(Source records)
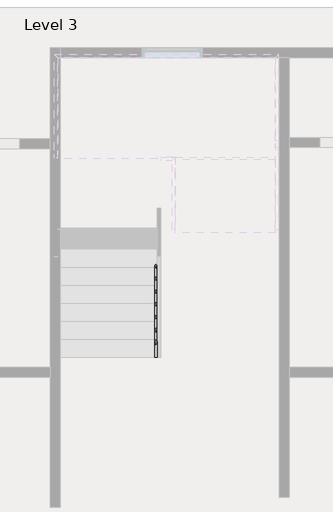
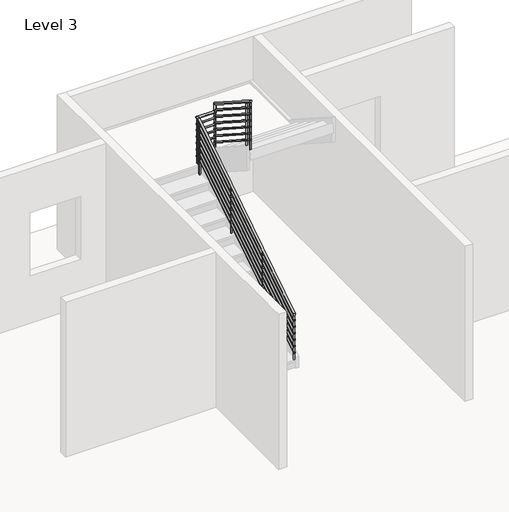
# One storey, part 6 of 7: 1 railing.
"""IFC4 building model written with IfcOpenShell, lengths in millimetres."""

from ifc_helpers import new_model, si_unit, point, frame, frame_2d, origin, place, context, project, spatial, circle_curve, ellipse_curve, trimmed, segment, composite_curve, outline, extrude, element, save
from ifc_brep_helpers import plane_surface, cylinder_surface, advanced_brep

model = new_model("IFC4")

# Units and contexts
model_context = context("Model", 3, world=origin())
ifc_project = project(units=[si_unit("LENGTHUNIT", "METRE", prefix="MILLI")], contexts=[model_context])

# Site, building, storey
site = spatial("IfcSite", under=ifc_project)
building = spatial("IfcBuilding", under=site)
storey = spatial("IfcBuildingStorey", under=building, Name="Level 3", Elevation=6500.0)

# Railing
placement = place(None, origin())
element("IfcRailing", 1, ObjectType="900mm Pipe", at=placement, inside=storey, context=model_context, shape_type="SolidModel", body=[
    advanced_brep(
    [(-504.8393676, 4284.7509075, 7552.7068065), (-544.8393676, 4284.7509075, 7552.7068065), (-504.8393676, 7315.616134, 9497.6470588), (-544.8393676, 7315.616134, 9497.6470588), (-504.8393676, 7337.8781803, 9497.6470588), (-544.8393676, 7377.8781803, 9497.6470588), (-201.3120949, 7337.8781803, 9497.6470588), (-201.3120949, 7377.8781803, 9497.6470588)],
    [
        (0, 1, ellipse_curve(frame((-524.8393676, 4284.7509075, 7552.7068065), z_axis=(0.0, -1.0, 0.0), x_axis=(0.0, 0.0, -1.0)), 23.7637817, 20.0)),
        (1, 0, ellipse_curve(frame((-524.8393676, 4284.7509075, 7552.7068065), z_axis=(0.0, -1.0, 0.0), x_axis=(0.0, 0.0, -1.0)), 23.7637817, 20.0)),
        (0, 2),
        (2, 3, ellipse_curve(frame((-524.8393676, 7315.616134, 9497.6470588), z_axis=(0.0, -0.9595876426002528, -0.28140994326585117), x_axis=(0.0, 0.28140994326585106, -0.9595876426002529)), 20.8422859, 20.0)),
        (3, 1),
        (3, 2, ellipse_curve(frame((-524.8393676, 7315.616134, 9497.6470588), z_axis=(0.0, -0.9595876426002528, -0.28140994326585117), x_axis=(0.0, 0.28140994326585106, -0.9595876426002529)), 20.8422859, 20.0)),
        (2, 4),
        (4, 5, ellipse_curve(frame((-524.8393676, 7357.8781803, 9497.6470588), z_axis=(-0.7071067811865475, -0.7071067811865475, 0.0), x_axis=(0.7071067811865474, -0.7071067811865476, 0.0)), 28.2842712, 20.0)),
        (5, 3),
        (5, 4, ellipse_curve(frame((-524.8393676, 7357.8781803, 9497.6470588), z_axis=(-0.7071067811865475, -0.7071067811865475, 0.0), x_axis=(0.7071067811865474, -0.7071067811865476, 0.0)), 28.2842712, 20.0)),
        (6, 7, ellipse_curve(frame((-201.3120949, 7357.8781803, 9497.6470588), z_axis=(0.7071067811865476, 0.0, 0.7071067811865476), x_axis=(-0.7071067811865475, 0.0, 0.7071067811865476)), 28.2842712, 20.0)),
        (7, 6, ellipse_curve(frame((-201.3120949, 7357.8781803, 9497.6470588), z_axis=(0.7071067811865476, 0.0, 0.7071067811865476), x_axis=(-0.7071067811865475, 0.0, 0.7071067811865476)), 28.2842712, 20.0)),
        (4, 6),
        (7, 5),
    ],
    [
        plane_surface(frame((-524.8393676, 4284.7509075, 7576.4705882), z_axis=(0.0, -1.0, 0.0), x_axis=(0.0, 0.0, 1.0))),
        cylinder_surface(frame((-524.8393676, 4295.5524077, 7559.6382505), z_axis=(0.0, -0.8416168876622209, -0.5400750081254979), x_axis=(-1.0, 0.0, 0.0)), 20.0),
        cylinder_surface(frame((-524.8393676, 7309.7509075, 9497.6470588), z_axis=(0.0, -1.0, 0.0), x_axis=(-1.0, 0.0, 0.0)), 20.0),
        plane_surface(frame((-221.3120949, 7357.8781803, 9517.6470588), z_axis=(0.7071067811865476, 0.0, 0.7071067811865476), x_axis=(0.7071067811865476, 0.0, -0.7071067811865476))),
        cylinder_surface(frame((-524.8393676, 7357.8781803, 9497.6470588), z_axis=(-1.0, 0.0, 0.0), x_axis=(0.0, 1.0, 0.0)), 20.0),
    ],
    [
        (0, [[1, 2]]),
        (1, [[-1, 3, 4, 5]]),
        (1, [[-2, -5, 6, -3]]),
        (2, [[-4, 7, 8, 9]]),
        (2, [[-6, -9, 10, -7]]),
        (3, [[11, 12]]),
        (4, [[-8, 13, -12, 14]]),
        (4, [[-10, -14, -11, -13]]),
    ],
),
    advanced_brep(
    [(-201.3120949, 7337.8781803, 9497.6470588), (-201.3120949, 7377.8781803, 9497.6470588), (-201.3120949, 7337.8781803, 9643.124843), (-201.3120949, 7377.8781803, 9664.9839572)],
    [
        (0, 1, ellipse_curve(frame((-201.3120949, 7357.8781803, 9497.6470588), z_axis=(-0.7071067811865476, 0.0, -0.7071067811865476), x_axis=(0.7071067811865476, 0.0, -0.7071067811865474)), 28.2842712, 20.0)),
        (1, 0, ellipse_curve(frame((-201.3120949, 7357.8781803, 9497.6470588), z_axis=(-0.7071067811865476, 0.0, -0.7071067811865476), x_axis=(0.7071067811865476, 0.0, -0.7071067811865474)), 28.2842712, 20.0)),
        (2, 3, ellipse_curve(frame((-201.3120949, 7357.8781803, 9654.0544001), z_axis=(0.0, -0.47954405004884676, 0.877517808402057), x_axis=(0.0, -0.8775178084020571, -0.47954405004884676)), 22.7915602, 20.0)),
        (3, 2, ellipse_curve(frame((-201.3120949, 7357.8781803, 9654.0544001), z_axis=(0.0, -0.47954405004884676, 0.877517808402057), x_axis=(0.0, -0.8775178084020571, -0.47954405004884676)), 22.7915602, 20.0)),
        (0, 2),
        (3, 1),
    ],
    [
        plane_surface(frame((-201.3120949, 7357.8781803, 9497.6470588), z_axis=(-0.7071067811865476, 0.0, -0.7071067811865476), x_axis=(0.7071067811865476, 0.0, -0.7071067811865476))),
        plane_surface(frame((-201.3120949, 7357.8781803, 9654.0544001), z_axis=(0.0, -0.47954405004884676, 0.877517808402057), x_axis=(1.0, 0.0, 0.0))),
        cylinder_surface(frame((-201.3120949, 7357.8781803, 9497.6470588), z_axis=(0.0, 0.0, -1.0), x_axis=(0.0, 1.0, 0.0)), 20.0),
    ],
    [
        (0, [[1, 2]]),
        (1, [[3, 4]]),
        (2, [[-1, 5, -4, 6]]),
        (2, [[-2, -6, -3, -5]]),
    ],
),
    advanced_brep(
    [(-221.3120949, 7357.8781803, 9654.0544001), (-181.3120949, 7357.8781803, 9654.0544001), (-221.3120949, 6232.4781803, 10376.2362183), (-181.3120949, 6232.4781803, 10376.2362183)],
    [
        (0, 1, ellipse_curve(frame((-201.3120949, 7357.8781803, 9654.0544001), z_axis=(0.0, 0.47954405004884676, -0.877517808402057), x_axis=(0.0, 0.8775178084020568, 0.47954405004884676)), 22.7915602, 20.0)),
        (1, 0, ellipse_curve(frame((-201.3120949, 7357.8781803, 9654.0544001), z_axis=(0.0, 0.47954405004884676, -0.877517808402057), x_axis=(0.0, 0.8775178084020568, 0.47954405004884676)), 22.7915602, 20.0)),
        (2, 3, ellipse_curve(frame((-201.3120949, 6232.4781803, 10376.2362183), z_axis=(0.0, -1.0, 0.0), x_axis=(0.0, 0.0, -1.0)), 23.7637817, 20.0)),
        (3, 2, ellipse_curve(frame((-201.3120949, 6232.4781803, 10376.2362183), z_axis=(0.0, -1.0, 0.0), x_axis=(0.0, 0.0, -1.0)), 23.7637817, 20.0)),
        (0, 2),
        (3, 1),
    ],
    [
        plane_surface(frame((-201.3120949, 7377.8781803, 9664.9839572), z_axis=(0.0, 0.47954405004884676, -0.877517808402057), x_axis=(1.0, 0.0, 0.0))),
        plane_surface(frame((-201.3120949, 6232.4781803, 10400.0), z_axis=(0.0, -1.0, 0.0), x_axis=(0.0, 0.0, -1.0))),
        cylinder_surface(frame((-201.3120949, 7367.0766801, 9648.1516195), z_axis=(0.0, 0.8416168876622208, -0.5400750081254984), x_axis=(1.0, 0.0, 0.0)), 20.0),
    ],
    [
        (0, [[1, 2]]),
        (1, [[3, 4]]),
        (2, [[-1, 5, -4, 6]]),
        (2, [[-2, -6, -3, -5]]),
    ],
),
(End Source records)
In the entries above, identify every line with the string "import".

● Final answer
from ifc_helpers import new_model, si_unit, point, frame, frame_2d, origin, place, context, project, spatial, circle_curve, ellipse_curve, trimmed, segment, composite_curve, outline, extrude, element, save
from ifc_brep_helpers import plane_surface, cylinder_surface, advanced_brep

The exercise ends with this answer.